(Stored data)
#####

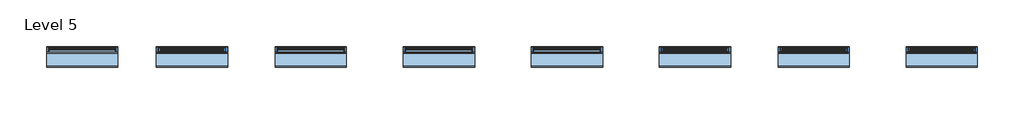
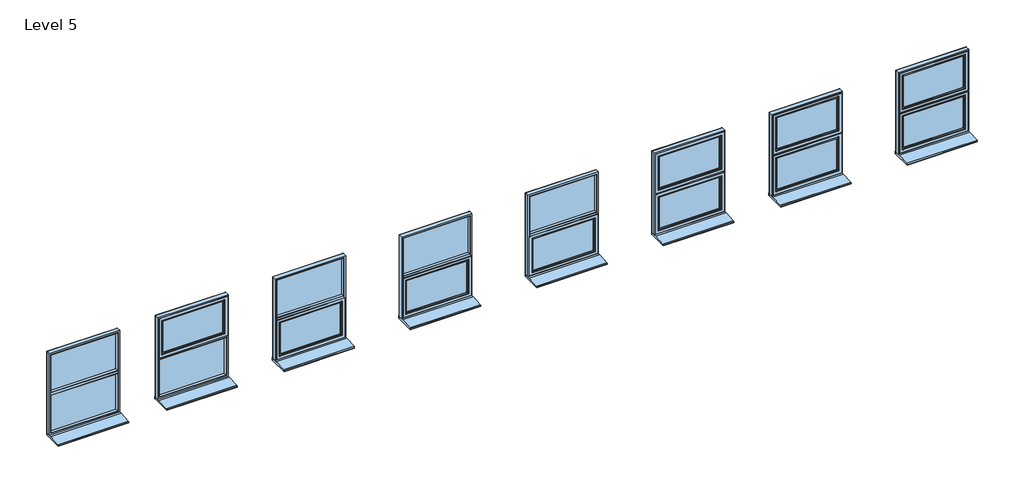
# One storey: 8 windows.
"""IFC4 building model written with IfcOpenShell, lengths in millimetres."""

from ifc_helpers import new_model, si_unit, origin, place, context, project, spatial, transform, mapped, element, save
from components import standard_2_5900fd49, standard_2_19a095b1, standard_2_242662c3, standard_2_687e85b9

model = new_model("IFC4")

# Units and contexts
model_context = context("Model", 3, world=origin())
ifc_project = project(units=[si_unit("LENGTHUNIT", "METRE", prefix="MILLI")], contexts=[model_context])

# Site, building, storey
site = spatial("IfcSite", under=ifc_project)
building = spatial("IfcBuilding", under=site)
storey = spatial("IfcBuildingStorey", under=building, Name="Level 5", Elevation=12000.0)

# Windows
placement = place(None, origin())
standard_2_shape = standard_2_5900fd49(model_context)
element("IfcWindow", 1, ObjectType="SMARTS_AlithermHeritage : Standard 2", at=placement, inside=storey, context=model_context, shape_type="MappedRepresentation", body=[
    mapped(standard_2_shape, transform((-165523.3801149, 24355.9063079, 11668.8184812), x_axis=(-1.0, 0.0, 0.0), y_axis=(0.0, -1.0, 0.0), z_axis=(0.0, 0.0, 1.0))),
])
standard_2_2_shape = standard_2_19a095b1(model_context)
element("IfcWindow", 2, ObjectType="SMARTS_AlithermHeritage : Standard 2", at=placement, inside=storey, context=model_context, shape_type="MappedRepresentation", body=[
    mapped(standard_2_2_shape, transform((-164123.3801149, 24355.9063079, 11668.8184812), x_axis=(-1.0, 0.0, 0.0), y_axis=(0.0, -1.0, 0.0), z_axis=(0.0, 0.0, 1.0))),
])
element("IfcWindow", 3, ObjectType="SMARTS_AlithermHeritage : Standard 2", at=placement, inside=storey, context=model_context, shape_type="MappedRepresentation", body=[
    mapped(standard_2_2_shape, transform((-162823.3801149, 24355.9063079, 11668.8184812), x_axis=(-1.0, 0.0, 0.0), y_axis=(0.0, -1.0, 0.0), z_axis=(0.0, 0.0, 1.0))),
])
element("IfcWindow", 4, ObjectType="SMARTS_AlithermHeritage : Standard 2", at=placement, inside=storey, context=model_context, shape_type="MappedRepresentation", body=[
    mapped(standard_2_2_shape, transform((-161423.3801149, 24355.9063079, 11668.8184812), x_axis=(-1.0, 0.0, 0.0), y_axis=(0.0, -1.0, 0.0), z_axis=(0.0, 0.0, 1.0))),
])
standard_2_3_shape = standard_2_242662c3(model_context)
element("IfcWindow", 5, ObjectType="SMARTS_AlithermHeritage : Standard 2", at=placement, inside=storey, context=model_context, shape_type="MappedRepresentation", body=[
    mapped(standard_2_3_shape, transform((-170823.3801149, 24355.9063079, 11668.8184812), x_axis=(-1.0, 0.0, 0.0), y_axis=(0.0, -1.0, 0.0), z_axis=(0.0, 0.0, 1.0))),
])
standard_2_4_shape = standard_2_687e85b9(model_context)
element("IfcWindow", 6, ObjectType="SMARTS_AlithermHeritage : Standard 2", at=placement, inside=storey, context=model_context, shape_type="MappedRepresentation", body=[
    mapped(standard_2_4_shape, transform((-169623.3801149, 24355.9063079, 11668.8184812), x_axis=(-1.0, 0.0, 0.0), y_axis=(0.0, -1.0, 0.0), z_axis=(0.0, 0.0, 1.0))),
])
element("IfcWindow", 7, ObjectType="SMARTS_AlithermHeritage : Standard 2", at=placement, inside=storey, context=model_context, shape_type="MappedRepresentation", body=[
    mapped(standard_2_shape, transform((-168323.3801149, 24355.9063079, 11668.8184812), x_axis=(-1.0, 0.0, 0.0), y_axis=(0.0, -1.0, 0.0), z_axis=(0.0, 0.0, 1.0))),
])
element("IfcWindow", 8, ObjectType="SMARTS_AlithermHeritage : Standard 2", at=placement, inside=storey, context=model_context, shape_type="MappedRepresentation", body=[
    mapped(standard_2_shape, transform((-166923.3801149, 24355.9063079, 11668.8184812), x_axis=(-1.0, 0.0, 0.0), y_axis=(0.0, -1.0, 0.0), z_axis=(0.0, 0.0, 1.0))),
])

save(model, "model.ifc")
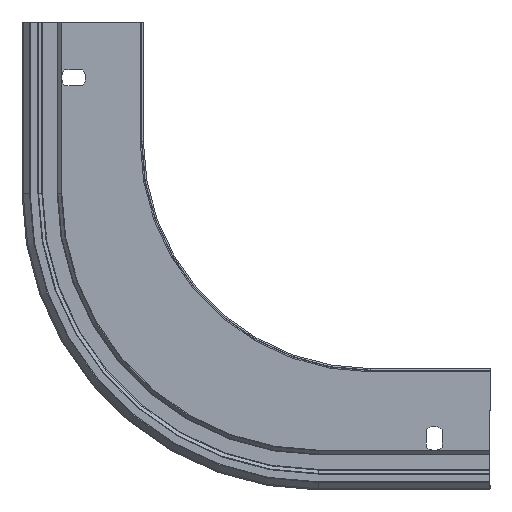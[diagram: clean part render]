
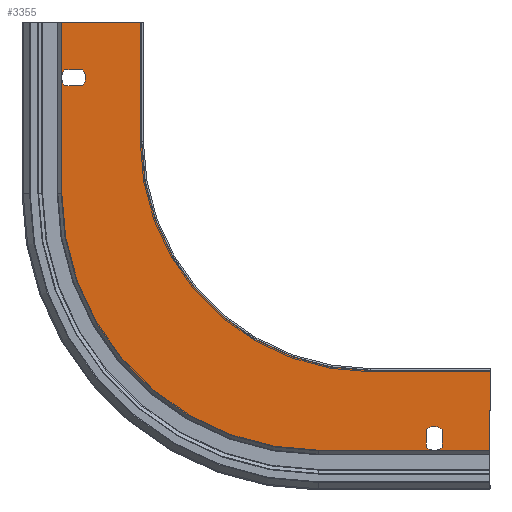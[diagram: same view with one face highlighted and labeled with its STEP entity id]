
A CAD part, left-side view. The second image highlights one B-rep face of the part: STEP entity #3355.
In plain terms, the highlighted planar face has unit normal (-1, 0, 0).
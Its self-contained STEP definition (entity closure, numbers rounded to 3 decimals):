
#85 = CIRCLE ( 'NONE', #3831, 6. ) ;
#88 = CARTESIAN_POINT ( 'NONE',  ( 0., 215.531, -129.2 ) ) ;
#101 = VECTOR ( 'NONE', #4256, 1000. ) ;
#118 = VECTOR ( 'NONE', #3122, 1000. ) ;
#131 = LINE ( 'NONE', #3332, #4973 ) ;
#140 = CARTESIAN_POINT ( 'NONE',  ( 0., 0., 0.331 ) ) ;
#147 = ORIENTED_EDGE ( 'NONE', *, *, #913, .F. ) ;
#189 = CIRCLE ( 'NONE', #469, 129.531 ) ;
#190 = CARTESIAN_POINT ( 'NONE',  ( 0., 28., -12. ) ) ;
#283 = VECTOR ( 'NONE', #839, 1000. ) ;
#292 = VERTEX_POINT ( 'NONE', #140 ) ;
#305 = ORIENTED_EDGE ( 'NONE', *, *, #2141, .T. ) ;
#337 = CARTESIAN_POINT ( 'NONE',  ( 0., 60., -155.2 ) ) ;
#361 = DIRECTION ( 'NONE',  ( 1., 0., 0. ) ) ;
#413 = CARTESIAN_POINT ( 'NONE',  ( 0., 60., -40. ) ) ;
#460 = CARTESIAN_POINT ( 'NONE',  ( 0., 86., 0.331 ) ) ;
#469 = AXIS2_PLACEMENT_3D ( 'NONE', #4892, #5338, #1775 ) ;
#502 = ORIENTED_EDGE ( 'NONE', *, *, #5167, .F. ) ;
#575 = VECTOR ( 'NONE', #2820, 1000. ) ;
#579 = DIRECTION ( 'NONE',  ( 0., 0., -1. ) ) ;
#673 = AXIS2_PLACEMENT_3D ( 'NONE', #1106, #1947, #1564 ) ;
#790 = VECTOR ( 'NONE', #4270, 1000. ) ;
#820 = FACE_BOUND ( 'NONE', #5172, .T. ) ;
#823 = EDGE_CURVE ( 'NONE', #292, #3358, #1149, .T. ) ;
#830 = ORIENTED_EDGE ( 'NONE', *, *, #3677, .T. ) ;
#837 = VECTOR ( 'NONE', #5061, 1000. ) ;
#839 = DIRECTION ( 'NONE',  ( 0., 0., -1. ) ) ;
#867 = VERTEX_POINT ( 'NONE', #1236 ) ;
#913 = EDGE_CURVE ( 'NONE', #1719, #5699, #1386, .T. ) ;
#994 = CARTESIAN_POINT ( 'NONE',  ( 0., 0., -183.2 ) ) ;
#1038 = ORIENTED_EDGE ( 'NONE', *, *, #2377, .T. ) ;
#1063 = CARTESIAN_POINT ( 'NONE',  ( 0., 209.2, -187.2 ) ) ;
#1106 = CARTESIAN_POINT ( 'NONE',  ( 0., 28., -6. ) ) ;
#1149 = LINE ( 'NONE', #4890, #1412 ) ;
#1154 = VECTOR ( 'NONE', #4084, 1000. ) ;
#1171 = ORIENTED_EDGE ( 'NONE', *, *, #1766, .F. ) ;
#1201 = ORIENTED_EDGE ( 'NONE', *, *, #823, .F. ) ;
#1236 = CARTESIAN_POINT ( 'NONE',  ( 0., 32., -10.472 ) ) ;
#1295 = LINE ( 'NONE', #5479, #283 ) ;
#1334 = VERTEX_POINT ( 'NONE', #2833 ) ;
#1386 = LINE ( 'NONE', #2286, #837 ) ;
#1412 = VECTOR ( 'NONE', #2977, 1000. ) ;
#1517 = VECTOR ( 'NONE', #3885, 1000. ) ;
#1537 = LINE ( 'NONE', #3372, #1517 ) ;
#1544 = DIRECTION ( 'NONE',  ( 1., 0., 0. ) ) ;
#1564 = DIRECTION ( 'NONE',  ( 0., 0., -1. ) ) ;
#1717 = DIRECTION ( 'NONE',  ( -1., 0., 0. ) ) ;
#1719 = VERTEX_POINT ( 'NONE', #2467 ) ;
#1739 = VERTEX_POINT ( 'NONE', #190 ) ;
#1746 = AXIS2_PLACEMENT_3D ( 'NONE', #4178, #3739, #579 ) ;
#1766 = EDGE_CURVE ( 'NONE', #3358, #5680, #1537, .T. ) ;
#1775 = DIRECTION ( 'NONE',  ( 0., 0., 1. ) ) ;
#1894 = CIRCLE ( 'NONE', #5247, 115.2 ) ;
#1942 = VERTEX_POINT ( 'NONE', #2616 ) ;
#1947 = DIRECTION ( 'NONE',  ( 1., 0., 0. ) ) ;
#1957 = EDGE_CURVE ( 'NONE', #3468, #1739, #85, .T. ) ;
#1971 = VERTEX_POINT ( 'NONE', #460 ) ;
#1998 = CARTESIAN_POINT ( 'NONE',  ( 0., 215.531, -129.2 ) ) ;
#2052 = DIRECTION ( 'NONE',  ( 1., 0., 0. ) ) ;
#2140 = CARTESIAN_POINT ( 'NONE',  ( 0., 0., 0. ) ) ;
#2141 = EDGE_CURVE ( 'NONE', #1334, #3137, #3920, .T. ) ;
#2143 = EDGE_CURVE ( 'NONE', #1739, #867, #3729, .T. ) ;
#2159 = ORIENTED_EDGE ( 'NONE', *, *, #2143, .T. ) ;
#2191 = AXIS2_PLACEMENT_3D ( 'NONE', #1063, #1544, #5039 ) ;
#2286 = CARTESIAN_POINT ( 'NONE',  ( 0., 174.2, -215.2 ) ) ;
#2326 = EDGE_CURVE ( 'NONE', #5680, #4350, #1894, .T. ) ;
#2334 = CARTESIAN_POINT ( 'NONE',  ( 0., 215.531, -215.2 ) ) ;
#2377 = EDGE_CURVE ( 'NONE', #1971, #5781, #189, .T. ) ;
#2441 = LINE ( 'NONE', #5330, #790 ) ;
#2467 = CARTESIAN_POINT ( 'NONE',  ( 0., 175.2, -215.2 ) ) ;
#2485 = CARTESIAN_POINT ( 'NONE',  ( 0., 204.728, -191.2 ) ) ;
#2580 = EDGE_CURVE ( 'NONE', #4350, #1719, #1295, .T. ) ;
#2587 = AXIS2_PLACEMENT_3D ( 'NONE', #2140, #361, #3914 ) ;
#2616 = CARTESIAN_POINT ( 'NONE',  ( 0., 32., -1.528 ) ) ;
#2820 = DIRECTION ( 'NONE',  ( 0., -1., 0. ) ) ;
#2833 = CARTESIAN_POINT ( 'NONE',  ( 0., 213.672, -191.2 ) ) ;
#2919 = CARTESIAN_POINT ( 'NONE',  ( 0., 28., -6. ) ) ;
#2931 = LINE ( 'NONE', #88, #101 ) ;
#2977 = DIRECTION ( 'NONE',  ( 0., 0., -1. ) ) ;
#3082 = EDGE_LOOP ( 'NONE', ( #1201, #502, #1038, #5347, #147, #5460, #4563, #1171 ) ) ;
#3122 = DIRECTION ( 'NONE',  ( 0., 0., -1. ) ) ;
#3137 = VERTEX_POINT ( 'NONE', #5250 ) ;
#3243 = AXIS2_PLACEMENT_3D ( 'NONE', #2919, #2052, #5218 ) ;
#3301 = ORIENTED_EDGE ( 'NONE', *, *, #3719, .T. ) ;
#3332 = CARTESIAN_POINT ( 'NONE',  ( 0., 0., -191.2 ) ) ;
#3355 = ADVANCED_FACE ( 'NONE', ( #820, #4417, #3948 ), #3519, .F. ) ;
#3358 = VERTEX_POINT ( 'NONE', #3584 ) ;
#3372 = CARTESIAN_POINT ( 'NONE',  ( 0., 0., -40. ) ) ;
#3419 = VERTEX_POINT ( 'NONE', #5282 ) ;
#3468 = VERTEX_POINT ( 'NONE', #4532 ) ;
#3519 = PLANE ( 'NONE',  #2587 ) ;
#3556 = CIRCLE ( 'NONE', #673, 6. ) ;
#3561 = DIRECTION ( 'NONE',  ( 0., 0., -1. ) ) ;
#3584 = CARTESIAN_POINT ( 'NONE',  ( 0., 0., -40. ) ) ;
#3610 = DIRECTION ( 'NONE',  ( 0., 0., 1. ) ) ;
#3652 = ORIENTED_EDGE ( 'NONE', *, *, #3890, .T. ) ;
#3677 = EDGE_CURVE ( 'NONE', #4303, #1334, #131, .T. ) ;
#3714 = CARTESIAN_POINT ( 'NONE',  ( 0., 204.728, -183.2 ) ) ;
#3719 = EDGE_CURVE ( 'NONE', #3137, #4548, #5665, .T. ) ;
#3729 = CIRCLE ( 'NONE', #3243, 6. ) ;
#3739 = DIRECTION ( 'NONE',  ( 1., 0., 0. ) ) ;
#3767 = DIRECTION ( 'NONE',  ( 0., 1., 0. ) ) ;
#3831 = AXIS2_PLACEMENT_3D ( 'NONE', #4538, #4096, #3561 ) ;
#3885 = DIRECTION ( 'NONE',  ( 0., 1., 0. ) ) ;
#3890 = EDGE_CURVE ( 'NONE', #867, #1942, #5505, .T. ) ;
#3914 = DIRECTION ( 'NONE',  ( 0., 0., -1. ) ) ;
#3920 = CIRCLE ( 'NONE', #2191, 6. ) ;
#3948 = FACE_OUTER_BOUND ( 'NONE', #3082, .T. ) ;
#4053 = EDGE_CURVE ( 'NONE', #1942, #3419, #3556, .T. ) ;
#4084 = DIRECTION ( 'NONE',  ( 0., 0., 1. ) ) ;
#4087 = EDGE_CURVE ( 'NONE', #5781, #5699, #2931, .T. ) ;
#4096 = DIRECTION ( 'NONE',  ( 1., 0., 0. ) ) ;
#4099 = ORIENTED_EDGE ( 'NONE', *, *, #5158, .T. ) ;
#4178 = CARTESIAN_POINT ( 'NONE',  ( 0., 209.2, -187.2 ) ) ;
#4256 = DIRECTION ( 'NONE',  ( 0., 0., -1. ) ) ;
#4270 = DIRECTION ( 'NONE',  ( 0., -1., 0. ) ) ;
#4303 = VERTEX_POINT ( 'NONE', #2485 ) ;
#4350 = VERTEX_POINT ( 'NONE', #4570 ) ;
#4417 = FACE_BOUND ( 'NONE', #4483, .T. ) ;
#4424 = CIRCLE ( 'NONE', #1746, 6. ) ;
#4483 = EDGE_LOOP ( 'NONE', ( #830, #305, #3301, #5653 ) ) ;
#4532 = CARTESIAN_POINT ( 'NONE',  ( 0., 24., -10.472 ) ) ;
#4538 = CARTESIAN_POINT ( 'NONE',  ( 0., 28., -6. ) ) ;
#4548 = VERTEX_POINT ( 'NONE', #3714 ) ;
#4563 = ORIENTED_EDGE ( 'NONE', *, *, #2326, .F. ) ;
#4570 = CARTESIAN_POINT ( 'NONE',  ( 0., 175.2, -155.2 ) ) ;
#4890 = CARTESIAN_POINT ( 'NONE',  ( 0., 0., 0. ) ) ;
#4892 = CARTESIAN_POINT ( 'NONE',  ( 0., 86., -129.2 ) ) ;
#4973 = VECTOR ( 'NONE', #3767, 1000. ) ;
#4990 = EDGE_CURVE ( 'NONE', #4548, #4303, #4424, .T. ) ;
#4997 = ORIENTED_EDGE ( 'NONE', *, *, #4053, .T. ) ;
#5039 = DIRECTION ( 'NONE',  ( 0., 0., -1. ) ) ;
#5061 = DIRECTION ( 'NONE',  ( 0., 1., 0. ) ) ;
#5158 = EDGE_CURVE ( 'NONE', #3419, #3468, #5670, .T. ) ;
#5167 = EDGE_CURVE ( 'NONE', #1971, #292, #2441, .T. ) ;
#5172 = EDGE_LOOP ( 'NONE', ( #3652, #4997, #4099, #5332, #2159 ) ) ;
#5188 = CARTESIAN_POINT ( 'NONE',  ( 0., 24., 0. ) ) ;
#5218 = DIRECTION ( 'NONE',  ( 0., 0., -1. ) ) ;
#5247 = AXIS2_PLACEMENT_3D ( 'NONE', #337, #1717, #3610 ) ;
#5250 = CARTESIAN_POINT ( 'NONE',  ( 0., 213.672, -183.2 ) ) ;
#5282 = CARTESIAN_POINT ( 'NONE',  ( 0., 24., -1.528 ) ) ;
#5330 = CARTESIAN_POINT ( 'NONE',  ( 0., 86., 0.331 ) ) ;
#5332 = ORIENTED_EDGE ( 'NONE', *, *, #1957, .T. ) ;
#5338 = DIRECTION ( 'NONE',  ( -1., 0., 0. ) ) ;
#5347 = ORIENTED_EDGE ( 'NONE', *, *, #4087, .T. ) ;
#5460 = ORIENTED_EDGE ( 'NONE', *, *, #2580, .F. ) ;
#5479 = CARTESIAN_POINT ( 'NONE',  ( 0., 175.2, -155.2 ) ) ;
#5505 = LINE ( 'NONE', #5894, #1154 ) ;
#5653 = ORIENTED_EDGE ( 'NONE', *, *, #4990, .T. ) ;
#5665 = LINE ( 'NONE', #994, #575 ) ;
#5670 = LINE ( 'NONE', #5188, #118 ) ;
#5680 = VERTEX_POINT ( 'NONE', #413 ) ;
#5699 = VERTEX_POINT ( 'NONE', #2334 ) ;
#5781 = VERTEX_POINT ( 'NONE', #1998 ) ;
#5894 = CARTESIAN_POINT ( 'NONE',  ( 0., 32., 0. ) ) ;

#####

■ **Work task**: Exactly the lines above from the one with "#1295 = LINE ( 'NONE', #5479, #283 ) ;" to the one with "#3301 = ORIENTED_EDGE", both included, are to be quoted; leave the rest out.

■ **Written solution**:
#1295 = LINE ( 'NONE', #5479, #283 ) ;
#1334 = VERTEX_POINT ( 'NONE', #2833 ) ;
#1386 = LINE ( 'NONE', #2286, #837 ) ;
#1412 = VECTOR ( 'NONE', #2977, 1000. ) ;
#1517 = VECTOR ( 'NONE', #3885, 1000. ) ;
#1537 = LINE ( 'NONE', #3372, #1517 ) ;
#1544 = DIRECTION ( 'NONE',  ( 1., 0., 0. ) ) ;
#1564 = DIRECTION ( 'NONE',  ( 0., 0., -1. ) ) ;
#1717 = DIRECTION ( 'NONE',  ( -1., 0., 0. ) ) ;
#1719 = VERTEX_POINT ( 'NONE', #2467 ) ;
#1739 = VERTEX_POINT ( 'NONE', #190 ) ;
#1746 = AXIS2_PLACEMENT_3D ( 'NONE', #4178, #3739, #579 ) ;
#1766 = EDGE_CURVE ( 'NONE', #3358, #5680, #1537, .T. ) ;
#1775 = DIRECTION ( 'NONE',  ( 0., 0., 1. ) ) ;
#1894 = CIRCLE ( 'NONE', #5247, 115.2 ) ;
#1942 = VERTEX_POINT ( 'NONE', #2616 ) ;
#1947 = DIRECTION ( 'NONE',  ( 1., 0., 0. ) ) ;
#1957 = EDGE_CURVE ( 'NONE', #3468, #1739, #85, .T. ) ;
#1971 = VERTEX_POINT ( 'NONE', #460 ) ;
#1998 = CARTESIAN_POINT ( 'NONE',  ( 0., 215.531, -129.2 ) ) ;
#2052 = DIRECTION ( 'NONE',  ( 1., 0., 0. ) ) ;
#2140 = CARTESIAN_POINT ( 'NONE',  ( 0., 0., 0. ) ) ;
#2141 = EDGE_CURVE ( 'NONE', #1334, #3137, #3920, .T. ) ;
#2143 = EDGE_CURVE ( 'NONE', #1739, #867, #3729, .T. ) ;
#2159 = ORIENTED_EDGE ( 'NONE', *, *, #2143, .T. ) ;
#2191 = AXIS2_PLACEMENT_3D ( 'NONE', #1063, #1544, #5039 ) ;
#2286 = CARTESIAN_POINT ( 'NONE',  ( 0., 174.2, -215.2 ) ) ;
#2326 = EDGE_CURVE ( 'NONE', #5680, #4350, #1894, .T. ) ;
#2334 = CARTESIAN_POINT ( 'NONE',  ( 0., 215.531, -215.2 ) ) ;
#2377 = EDGE_CURVE ( 'NONE', #1971, #5781, #189, .T. ) ;
#2441 = LINE ( 'NONE', #5330, #790 ) ;
#2467 = CARTESIAN_POINT ( 'NONE',  ( 0., 175.2, -215.2 ) ) ;
#2485 = CARTESIAN_POINT ( 'NONE',  ( 0., 204.728, -191.2 ) ) ;
#2580 = EDGE_CURVE ( 'NONE', #4350, #1719, #1295, .T. ) ;
#2587 = AXIS2_PLACEMENT_3D ( 'NONE', #2140, #361, #3914 ) ;
#2616 = CARTESIAN_POINT ( 'NONE',  ( 0., 32., -1.528 ) ) ;
#2820 = DIRECTION ( 'NONE',  ( 0., -1., 0. ) ) ;
#2833 = CARTESIAN_POINT ( 'NONE',  ( 0., 213.672, -191.2 ) ) ;
#2919 = CARTESIAN_POINT ( 'NONE',  ( 0., 28., -6. ) ) ;
#2931 = LINE ( 'NONE', #88, #101 ) ;
#2977 = DIRECTION ( 'NONE',  ( 0., 0., -1. ) ) ;
#3082 = EDGE_LOOP ( 'NONE', ( #1201, #502, #1038, #5347, #147, #5460, #4563, #1171 ) ) ;
#3122 = DIRECTION ( 'NONE',  ( 0., 0., -1. ) ) ;
#3137 = VERTEX_POINT ( 'NONE', #5250 ) ;
#3243 = AXIS2_PLACEMENT_3D ( 'NONE', #2919, #2052, #5218 ) ;
#3301 = ORIENTED_EDGE ( 'NONE', *, *, #3719, .T. ) ;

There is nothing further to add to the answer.